(Entries taken from a collection)
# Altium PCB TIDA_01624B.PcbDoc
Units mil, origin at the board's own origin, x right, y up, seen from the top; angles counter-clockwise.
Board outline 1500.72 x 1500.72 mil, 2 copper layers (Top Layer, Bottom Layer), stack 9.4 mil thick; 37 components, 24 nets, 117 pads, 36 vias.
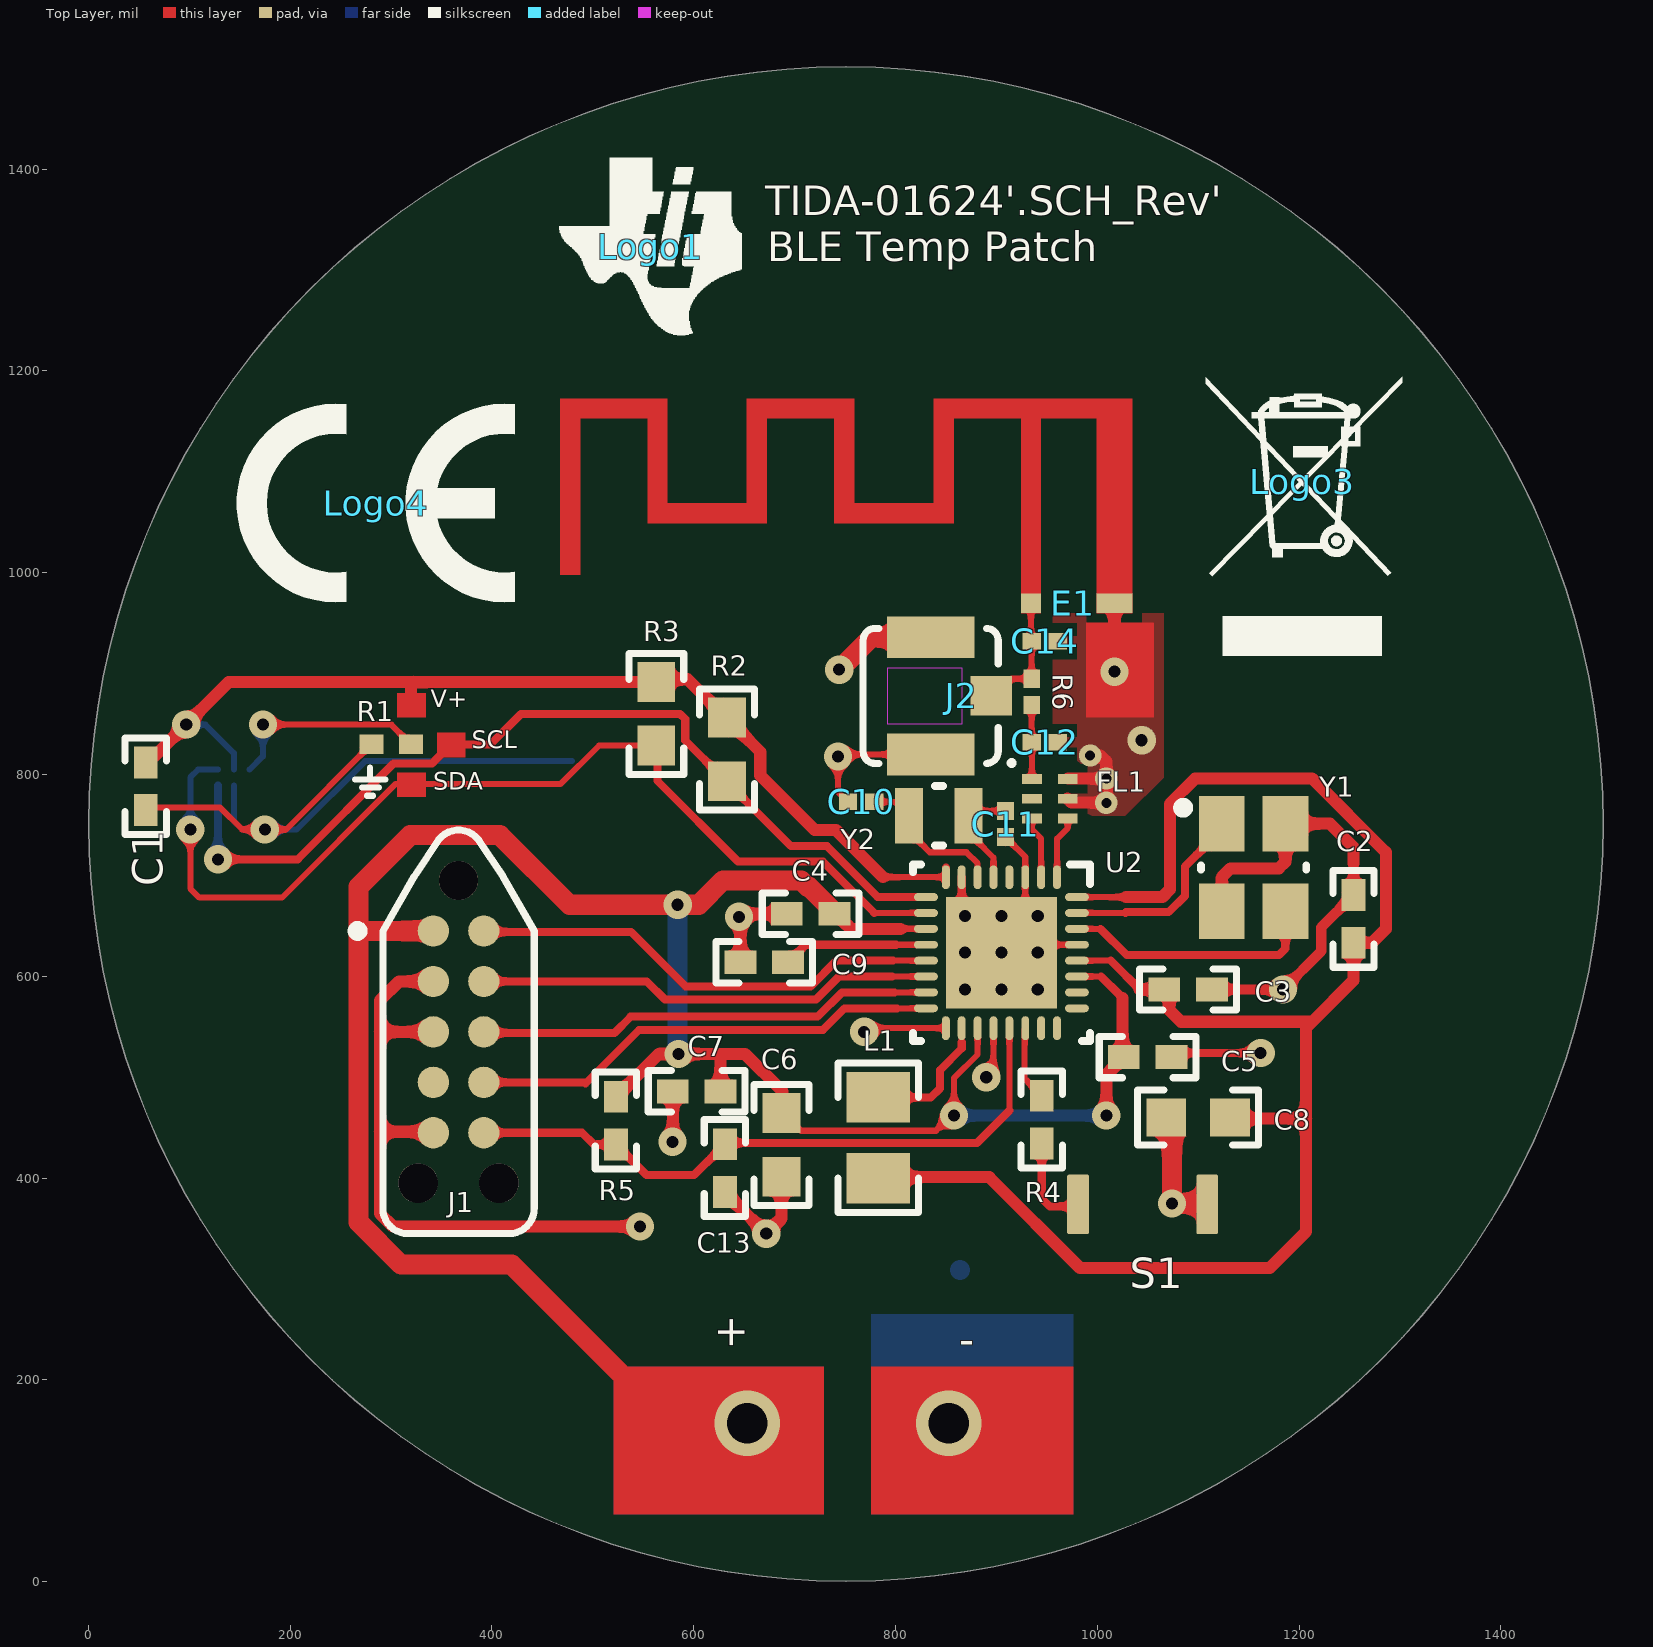
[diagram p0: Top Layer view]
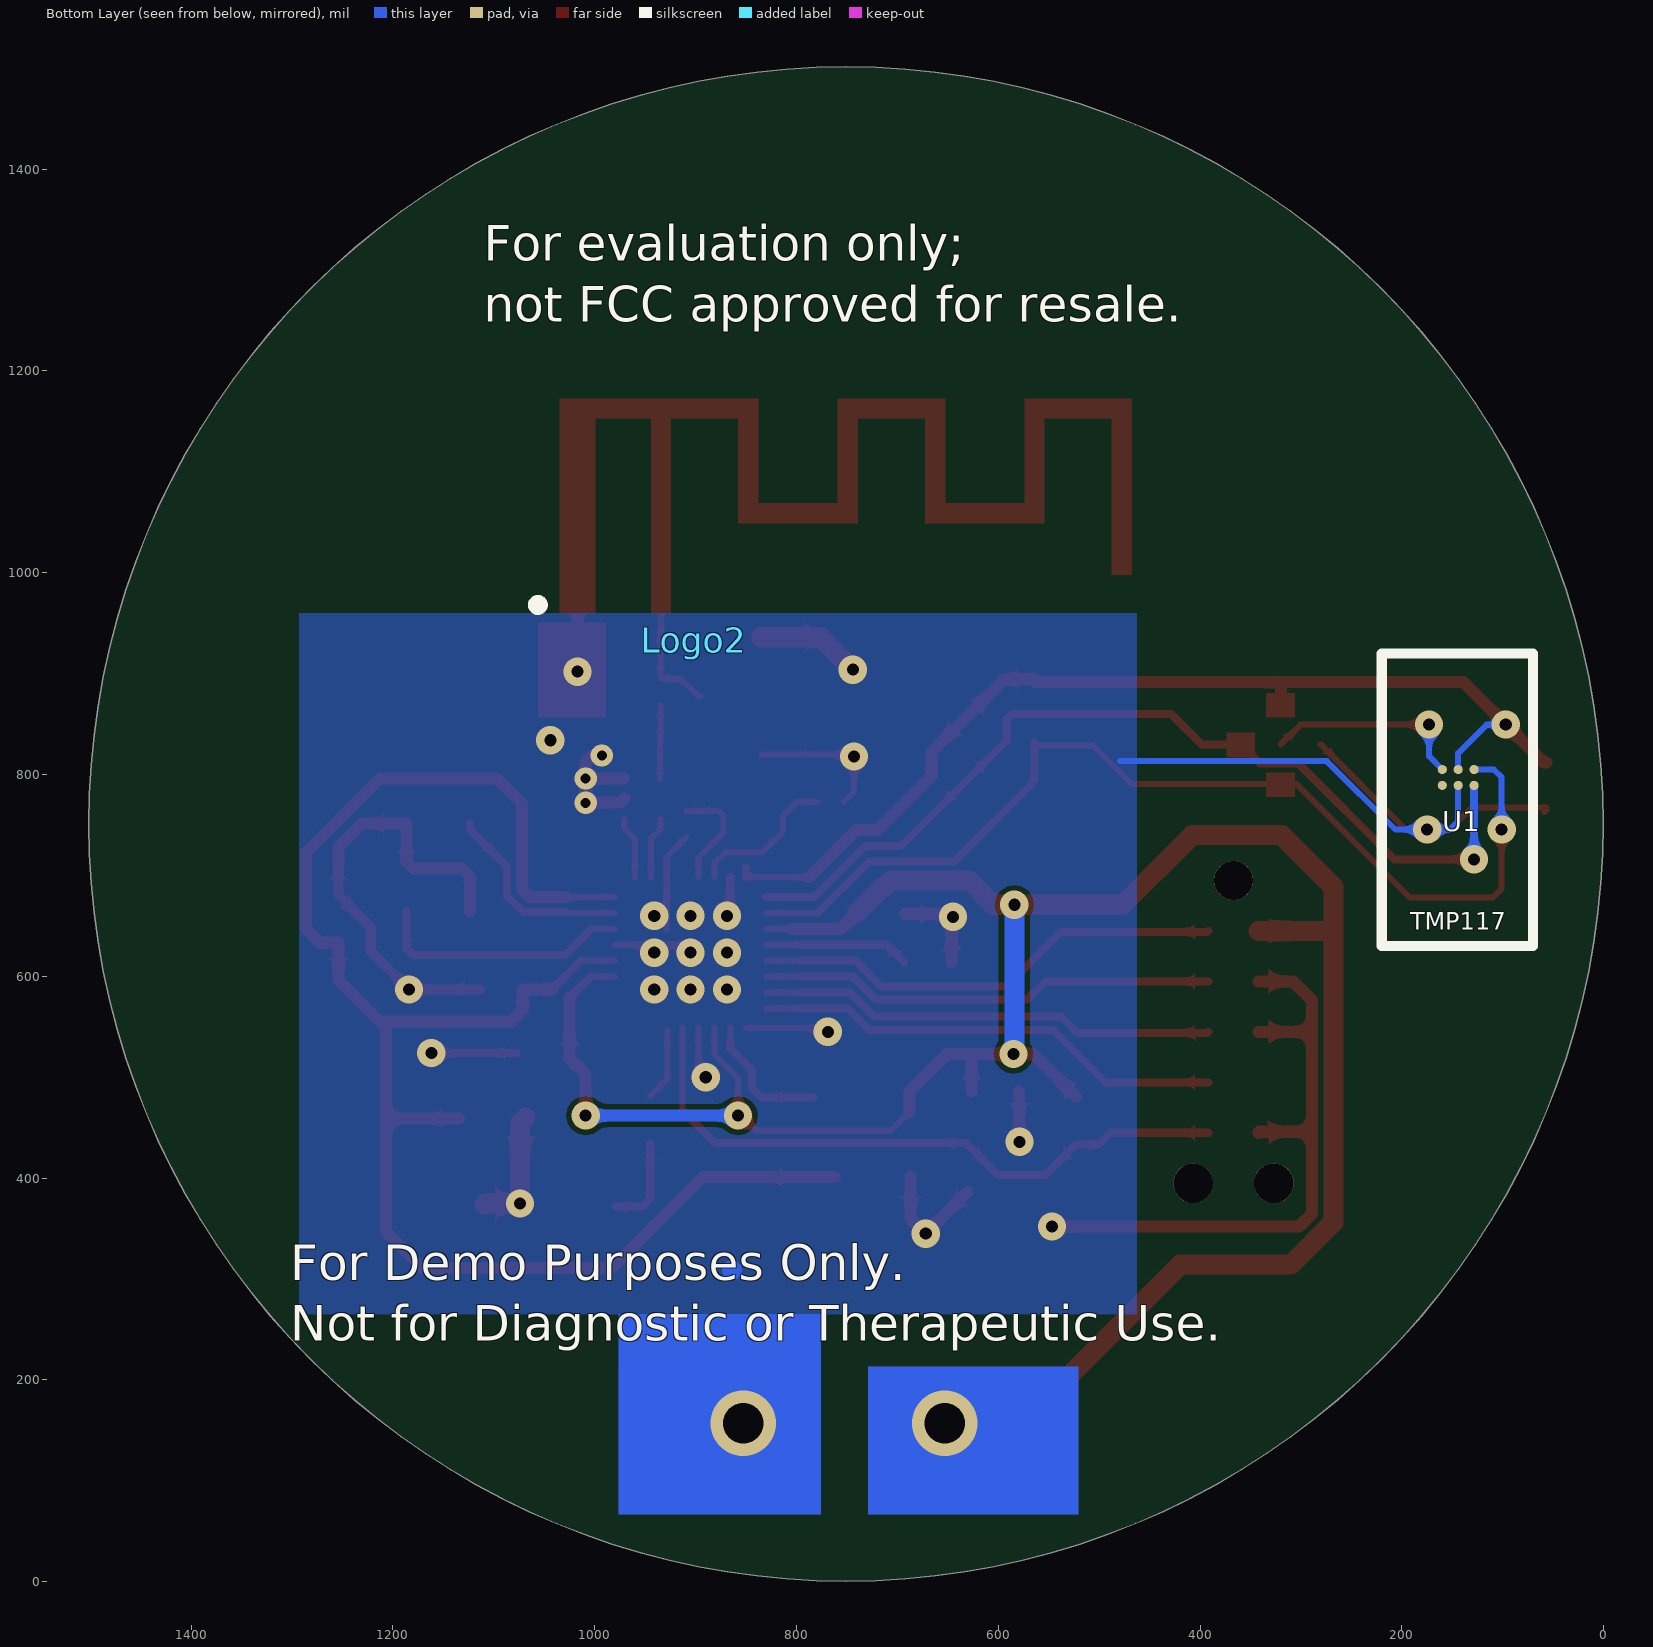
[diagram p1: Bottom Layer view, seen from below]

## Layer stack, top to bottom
Top Solder: solder mask 1, Polymide, Dk 3.3
Top Layer: signal copper 0.7
Stiffener: dielectric 5, Polyimide, Dk 4.2
Flex Substrate: core 3, Polymide, Dk 3.3
Bottom Layer: signal copper 0.7
Bottom Solder: solder mask 1, Polyimide, Dk 3.3

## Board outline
751,0.64 cw(c751,751) 0.64,751 cw(c751,751) 751,1501.36 cw(c751,751) 1501.36,751 cw(c751,751)
board region "Layer Stack Region 1": 220,920 19.55,920 19.85,921.48 32.56,968.94 48.36,1015.46 67.16,1060.85 88.89,1104.91 113.45,1147.45 140.74,1188.3 170.65,1227.28 203.04,1264.22 220,1281.17
board region "Layer Stack Region 1": 220,629.99 10.09,629.99 3.85,677.41 0.64,726.44 0.64,751 0.64,775.56 3.85,824.59 10.26,873.3 19.55,920 220,920
board region "Layer Stack Region 1": 220,220.83 203.04,237.78 170.65,274.72 140.74,313.7 113.45,354.55 88.89,397.09 67.16,441.15 48.36,486.54 32.56,533.06 19.85,580.52 10.26,628.7 10.09,629.99 220,629.99
board region "Layer Stack Region 1": 220,1281.17 237.78,1298.96 274.72,1331.35 313.7,1361.26 354.55,1388.55 397.09,1413.11 441.15,1434.84 486.54,1453.64 533.06,1469.44 580.52,1482.15 628.7,1491.74 677.41,1498.15 726.44,1501.36 751,1501.36 775.56,1501.36 824.59,1498.15 873.3,1491.74 921.48,1482.15 968.94,1469.44 1015.46,1453.64 1060.85,1434.84 1104.91,1413.11 1147.45,1388.55 1188.3,1361.26 1227.28,1331.35 1264.22,1298.96 1298.96,1264.22 1331.35,1227.28 1361.26,1188.3 1388.55,1147.45 1413.11,1104.91 1434.84,1060.85 1453.64,1015.46 1469.44,968.94 1482.15,921.48 1482.45,920 220,920
board region "Layer Stack Region 1": 220,920 1482.45,920 1491.74,873.3 1498.15,824.59 1501.36,775.56 1501.36,751 1501.36,726.44 1498.15,677.41 1491.91,630 220,629.99
board region "Layer Stack Region 1": 220,629.99 1491.91,630 1491.74,628.7 1482.15,580.52 1469.44,533.06 1453.64,486.54 1434.84,441.15 1413.11,397.09 1388.55,354.55 1361.26,313.7 1331.35,274.72 1298.96,237.78 1264.22,203.04 1227.28,170.65 1188.3,140.74 1147.45,113.45 1104.91,88.89 1060.85,67.16 1015.46,48.36 968.94,32.56 921.48,19.85 873.3,10.26 824.59,3.85 775.56,0.64 751,0.64 726.44,0.64 677.41,3.85 628.7,10.26 580.52,19.85 533.06,32.56 486.54,48.36 441.15,67.16 397.09,88.89 354.55,113.45 313.7,140.74 274.72,170.65 237.78,203.04 220,220.83

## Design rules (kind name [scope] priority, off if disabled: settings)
AcuteAngle [All] p1: minimum=4.50000000000000E+0001 checktracksonly=FALSE
AssemblyTestPointUsage [All] p1: valid=2
BoardOutlineClearance BoardOutlineClearance_MountingHoles [OnCopper and InComponentClass('Mounting Holes')] p1 off: gap=40 ignorepadtopadclearanceinfootprint=FALSE
BoardOutlineClearance BoardOutlineClearance_Poly [OnCopper and IsPoly] p2: gap=25 ignorepadtopadclearanceinfootprint=FALSE
BoardOutlineClearance [OnCopper and Not InComponentClass('Logo') and not InComponentClass('FiducialMark') and not InRegion(1000,500,4000,800) and not InPoly] p3 off: gap=40 ignorepadtopadclearanceinfootprint=FALSE
Clearance Clearance_2 [InNamedPolygon('GND_L01_P002') vs InComponent('E1')] p1: gap=0 ignorepadtopadclearanceinfootprint=FALSE
Clearance Clearance_Keepouts [((IsTrack Or IsArc) And Not InPoly) And IsFree and IsKeepOut vs ((IsTrack Or IsArc) And Not InPoly) And IsFree and IsKeepOut] p2: gap=0 ignorepadtopadclearanceinfootprint=FALSE
Clearance Clearance_Poly [InPolygon] p3 off: gap=25 ignorepadtopadclearanceinfootprint=FALSE except(0: Arc-Hole Track-Hole SMDPad-Hole THPad-Hole Via-Hole Fill-Hole Poly-Hole Region-Hole Text-Hole)
Clearance [All] p4: gap=5 ignorepadtopadclearanceinfootprint=FALSE
ComponentClearance ComponentClearance_MountingHoles_FiducialMarks [InComponentClass('Mounting Holes') vs InComponentClass('FiducialMark')] p1: gap=50 collisioncheckmode=3 verticalgap=10 showdistances=FALSE
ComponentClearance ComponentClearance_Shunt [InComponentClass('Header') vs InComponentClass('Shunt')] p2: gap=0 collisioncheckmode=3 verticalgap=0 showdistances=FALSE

● **WORK REQUIRED**: Wherever the string "InComponentClass" appears in the records above, copy the line it sits in.

● **TASK SOLUTION**:
BoardOutlineClearance BoardOutlineClearance_MountingHoles [OnCopper and InComponentClass('Mounting Holes')] p1 off: gap=40 ignorepadtopadclearanceinfootprint=FALSE
BoardOutlineClearance [OnCopper and Not InComponentClass('Logo') and not InComponentClass('FiducialMark') and not InRegion(1000,500,4000,800) and not InPoly] p3 off: gap=40 ignorepadtopadclearanceinfootprint=FALSE
ComponentClearance ComponentClearance_MountingHoles_FiducialMarks [InComponentClass('Mounting Holes') vs InComponentClass('FiducialMark')] p1: gap=50 collisioncheckmode=3 verticalgap=10 showdistances=FALSE
ComponentClearance ComponentClearance_Shunt [InComponentClass('Header') vs InComponentClass('Shunt')] p2: gap=0 collisioncheckmode=3 verticalgap=0 showdistances=FALSE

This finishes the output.